Great Smokey Mountains National Park (April 2 – 9): We spent a week camped outside the town of Cherokee, NC, where the Blue Ridge Parkway ends at the east end of the Great Smokey Mountains.
This area is also where the Trail of Tears transverses, which remembers and commemorates the survival of the Cherokee people, forcefully removed from their homelands in Georgia, Alabama, and Tennessee to live in Indian Territory, now Oklahoma. They traveled by foot, horse, wagon, or steamboat in 1838-1839. I was wondering why we were actually staying on a Cherokee Reservation based on the story behind the Trail of Tears, but a small group of the Cherokee somehow were excluded from the original treaty that forced the rest of the Cherokee in the nearby states to move to Oklahoma and were established in a reservation on the SE side of the Great Smokey’s in the town of Cherokee.
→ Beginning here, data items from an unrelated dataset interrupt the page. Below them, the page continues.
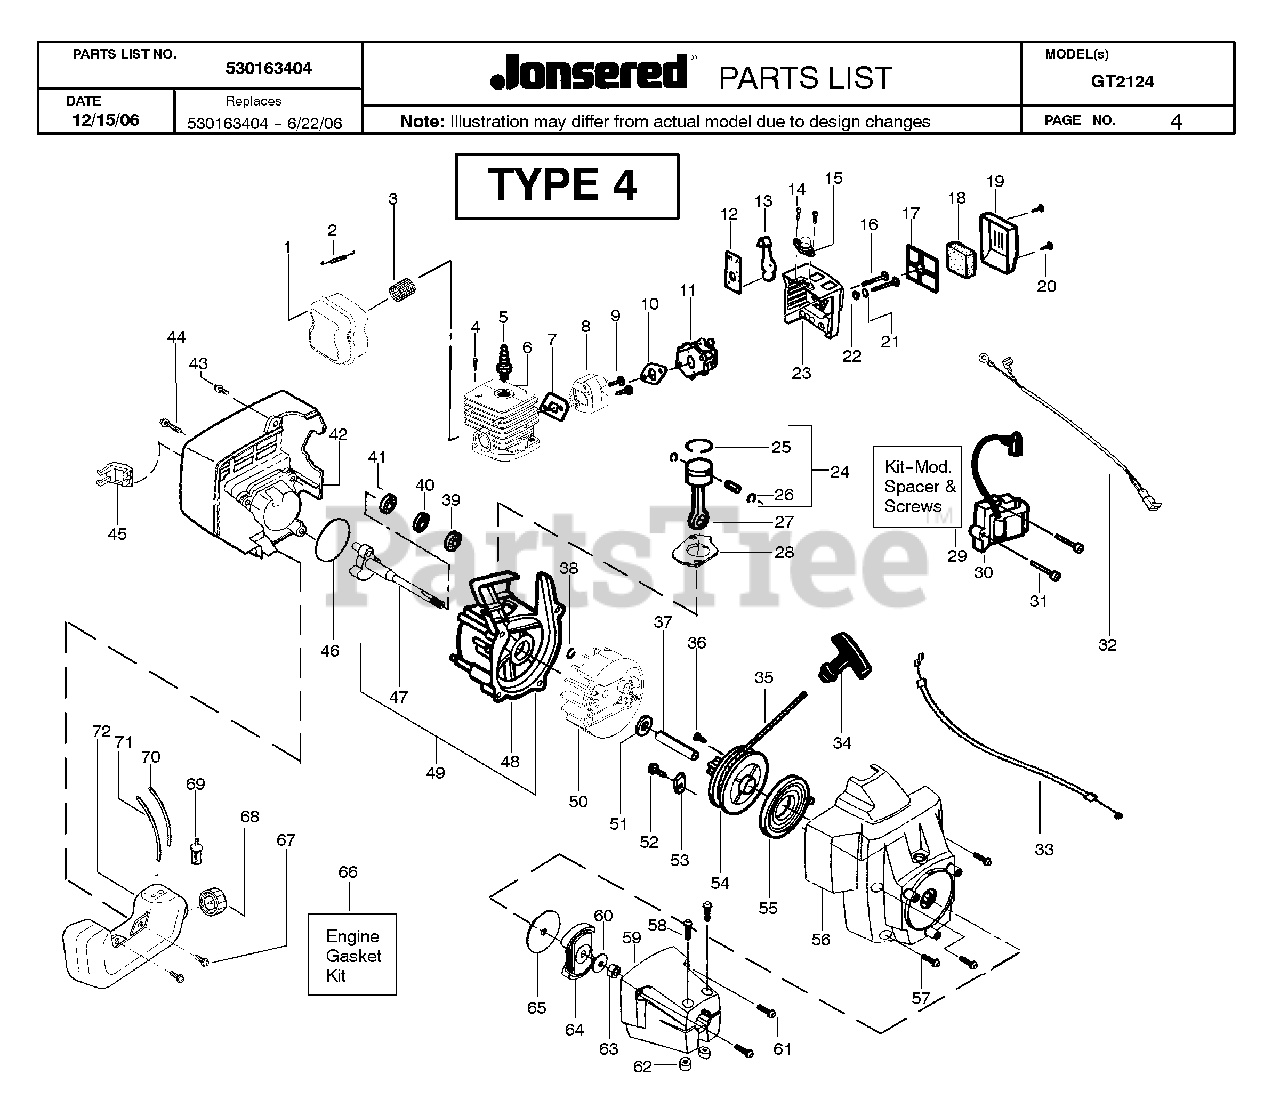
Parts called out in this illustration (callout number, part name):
1	KIT-MUFFLER
5	PLUG-SPARK (RCJ-6Y)
7	GASKET KIT
9	SCREW - CARB. ADAPTOR
10	GASKET KIT
11	CARBURETOR
12	CHOKE PLATE
13	CHOKE SHUTTER
14	SCREW - PRIMER ASSEMBLY
15	AIR PURGE BUBBLE
17	FILTER PLATE
18	AIR FILTER FOAM
19	AIR FILTER COVER
20	SCREW FILTER PLATE
21	CHOKE SPACER
24	PISTON KIT
25	PISTON RING
26	WRIST PIN RET.
28	GASKET KIT
30	IGNITION MODULE
32	LEAD WIRE ASSEMBLY
34	HANDLE-STARTER
36	SCREW SEMS TOOTHED WASHER
38	RETAINING RING
39	OUTER BEARING
40	KIT-CRANKCASE SEAL
41	BEARING
44	SCREW - SHROUD
46	GASKET KIT
47	CRANKSHAFT ASSEMBLY
50	FLYWHEEL
52	SCREW 8-16 X 9/16 (PLAS
54	STARTER PULLEY KIT
55	STARTER SPRING
57	SCREW - SHROUD
58	SCREW-10-24 X 1-3/8 (UN
59	CLUTH COVER
60	WASHER FLAT
61	SCREW-10-14 X 13/16 (PL
62	LOCKNUT-HEX 10-24
64	CLUTCH ASSEMBLY KIT
65	FRICTION DISC,CLUTCH 36/41
66	GASKET KIT
68	CAP ASSY W/ RETAINER
69	FUEL PICK-UP ASSY

Great Smokey Mountains, Clingmans Dome and drive through Gatlinburg and around the north end of the park:
We got up early to a brisk morning and beat the crowds to the newly opened for the season, Clingmans Dome, off the Newfound Gap road that bisects the park. Clingmans Dome is the highest point in the Great Smokey Mountains and the walk/hike up to the dome finishes with a walk up a spiral ramp to a tower overlooking both North Carolina and Tennessee. This structure was built in the 1960’s replacing a wooden structure from the 30’s.
We stopped by the Oconaluftee Visitor Center and took the drive over Newfound Gap Road quite a few times. Elk are commonly seen, especially in the morning.
Cades Cove Area on the Tennessee side of the Great Smokey NP was an area that has been inhabited both by Native Americans for hundreds of years and then settlers from the 1820s to the 1940s. The National Park service maintains many of the cabins, churches and even a working grist mill from the settlers time period. We also took a hike up to Abrams Falls.
We also visited waterfalls on the North Carolina side of the park. Mingo Falls was less than a mile from our campground in Cherokee and Juney Whank Falls and Indian Creek Falls were on the very south end of the park near Deep Creek.